Failure to Honor Diet-Appropriate Menu Choices for Residents on Modified Diets
Penalty
Summary
The facility failed to provide residents with menu choices that matched their physician-ordered diet textures and liquid consistencies. One resident with severe cognitive impairment had a physician order for a controlled diet with pureed texture and honey-thick liquids. During a noon meal observation, this resident’s meal ticket was stapled to a Regular Menu listing items such as lettuce and tomato salad, stir-fried vegetables, and a grilled cheese sandwich, none of which were appropriate for the resident’s ordered diet. The Registered Dietitian and the Dietetic Technician confirmed that Daily Menu printouts with Regular Menu options were provided to all residents, including those on mechanically altered diets, resulting in residents being offered choices that could not be honored due to diet restrictions. Another resident with moderate cognitive impairment had a physician order for a mechanical soft diet with nectar-thick liquids. This resident’s lunch tray ticket was also stapled to a Regular Menu that included salad greens, which are not allowed on a mechanical soft diet.
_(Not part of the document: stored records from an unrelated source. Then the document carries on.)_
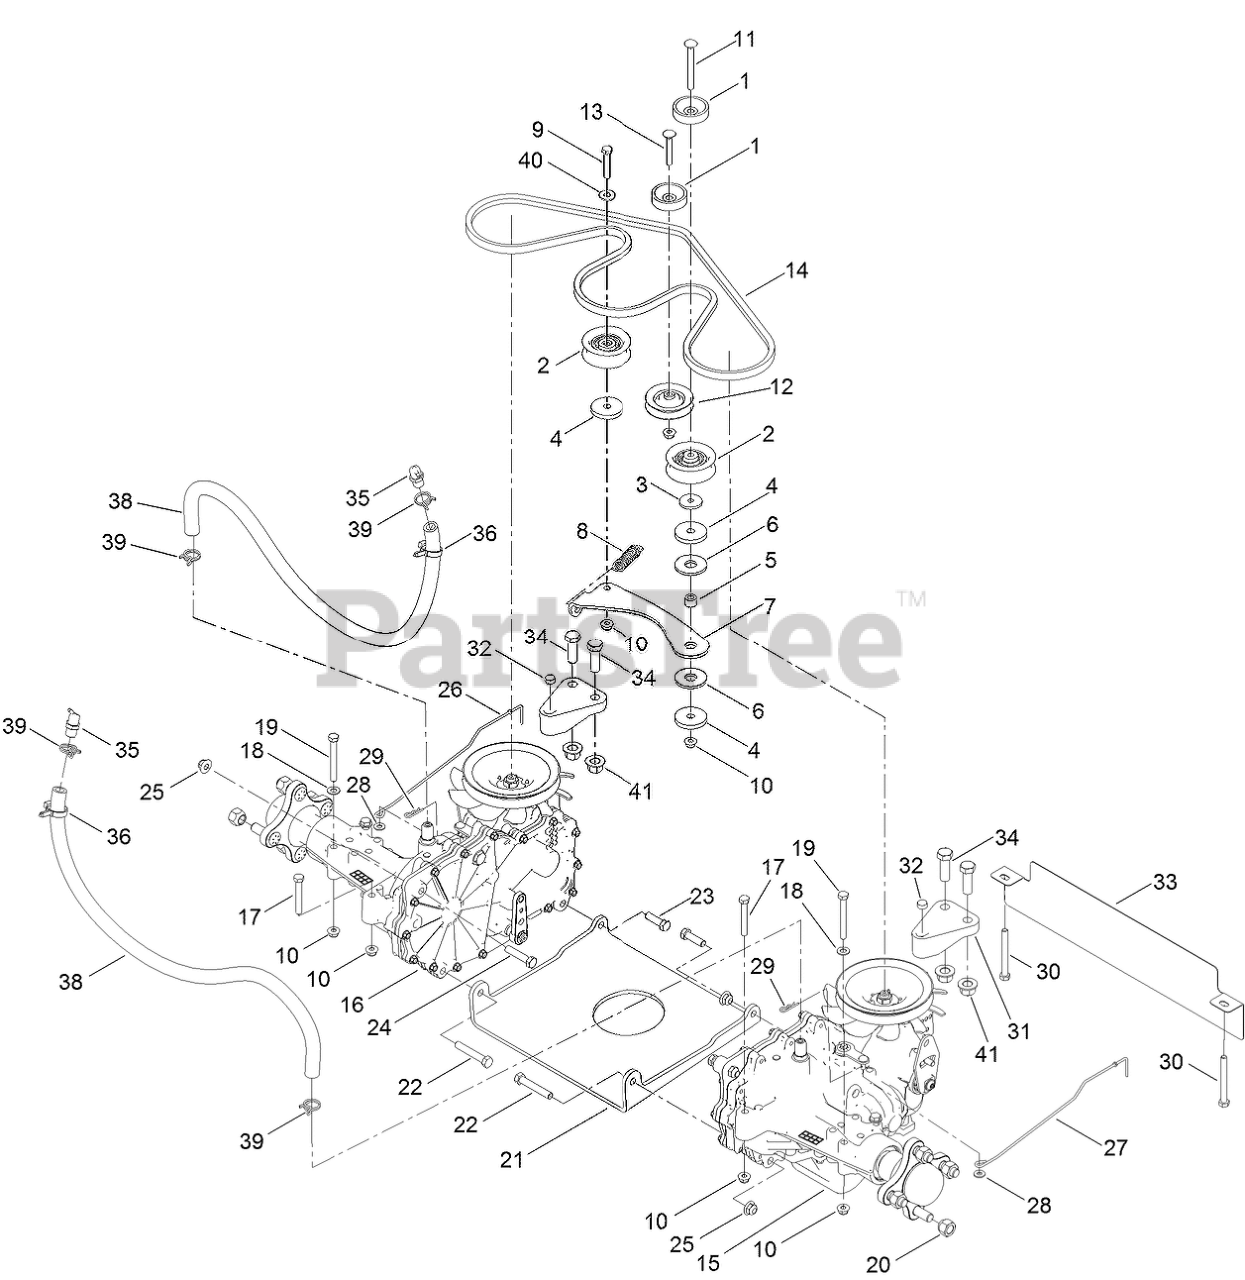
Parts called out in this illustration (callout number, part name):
1	SPACER
2	PULLEY-IDLER, FLAT
3	WASHER-FLAT
4	WASHER-PLAIN
5	BUSHING
6	WASHER-FRICTION, COMPOSITE
7	ARM-IDLER
8	SPRING-PEDAL, RETURN
9	SCREW-HH
10	NUT-HF
11	SCREW-CARR
12	PULLEY-IDLER
13	SCREW-CARR
14	V-BELT
15	LH HYDRO TRANSMISSION ASM
16	RH HYDRO TRANSMISSION ASM
17	SCREW-HH
18	WASHER-PLAIN
19	SCREW-HH
20	NUT-LUG
21	PLATE-CROSS, HYDRO
22	SCREW-HH
23	SCREW-HH
24	SCREW-HH
25	NUT-HF, NI
26	ROD-BYPASS, RH
27	ROD-BYPASS, LH
28	WASHER-FLAT
29	PIN-HAIR
30	SCREW-HH
31	SUPPORT-HYDRO, REAR
32	NUT-HEX
33	GUARD REAR, WIDE
34	SCREW-HH
35	BREATHER KIT
36	CLAMP-HOSE
38	HOSE-HYDRO
39	CLAMP-HOSE
40	WASHER-FLAT
41	NUT-HF

On a separate breakfast observation, the same resident’s Regular Menu included fresh fruit as a choice, which the resident circled, but the tray contained canned peach halves instead. The resident stated she wanted her chosen fresh fruit rather than the peaches and reiterated her food preferences during the interview. Photographic evidence was obtained to document these discrepancies between ordered diets, menu offerings, and the food actually provided.
Plan Of Correction
Preparation and/or execution of this plan does not constitute admission or agreement by the provider that a deficiency exists. This response is also not to be construed as an admission of fault by the facility, its employees, agents or other individuals who draft or may be discussed in this response and plan of correction. This plan of correction is submitted as the facility's credible allegation of compliance and Soley because it is requiredF05501. Resident #54 and Resident #56 were immediately assessed by the Registered Dietitian (RD) & CDM (Certified Dietary Manager) for food preferences on Residents #54 and #56 were offered meal choices consistent with the prescribed diet. No adverse outcomes were identified. 2. 100% audit of all residents with therapeutic diets was completed on [R] by CDM to ensure menus and meal selections consistent with physician-ordered diets.On [R] , CDM provided in-service provided to dietary aides, certified nursing assistants, nurses, managers on new selective menu processes. 3. The facility implemented a diet-specific menu system and pre-meal diet verification process by reviewing the diet in tray ticket program IMPAC and PCC. Copies of the menus to be provided as part of the audits.Diet Menu was revised to include a mechanically altered diet to be consistent with physician orders. Therapeutic diets menus are available and offered to each resident according to physician orders. The Dietary Manager or designee will conduct weekly audits of 4 residents on therapeutic diets x 4 weeks then monthly x 2months, to verify the correct menu is offered and served. 4. The Dietary Manager or designee will report findings at the monthly QAPI meeting. The Administrator is responsible for confirming implementation and compliance with this POC and [R] , and resolving any variances that occur.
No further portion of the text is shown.